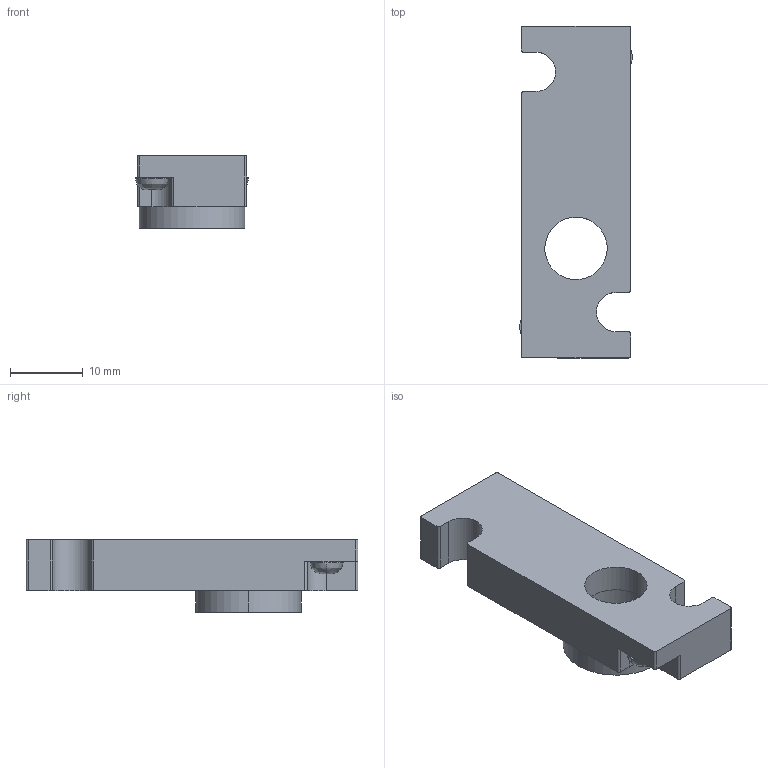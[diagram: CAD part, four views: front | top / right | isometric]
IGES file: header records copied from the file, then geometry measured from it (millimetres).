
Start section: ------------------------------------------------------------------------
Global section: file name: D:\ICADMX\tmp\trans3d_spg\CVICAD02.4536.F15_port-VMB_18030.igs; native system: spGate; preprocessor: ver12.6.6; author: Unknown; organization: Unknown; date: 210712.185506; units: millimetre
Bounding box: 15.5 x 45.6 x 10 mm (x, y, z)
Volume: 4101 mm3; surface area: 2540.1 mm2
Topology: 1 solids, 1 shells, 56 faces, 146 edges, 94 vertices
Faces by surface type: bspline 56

══════════════════════════════

▶ [EXERCISE INSTRUCTIONS]: Leave the images out and give the rest of the data again exactly.

▶ [TASK RESPONSE]:
[diagram: CAD part, four views: front | top / right | isometric]
IGES file: header records copied from the file, then geometry measured from it (millimetres).
Start section: ------------------------------------------------------------------------
Global section: file name: D:\ICADMX\tmp\trans3d_spg\CVICAD02.4536.F15_port-VMB_18030.igs; native system: spGate; preprocessor: ver12.6.6; author: Unknown; organization: Unknown; date: 210712.185506; units: millimetre
Bounding box: 15.5 x 45.6 x 10 mm (x, y, z)
Volume: 4101 mm3; surface area: 2540.1 mm2
Topology: 1 solids, 1 shells, 56 faces, 146 edges, 94 vertices
Faces by surface type: bspline 56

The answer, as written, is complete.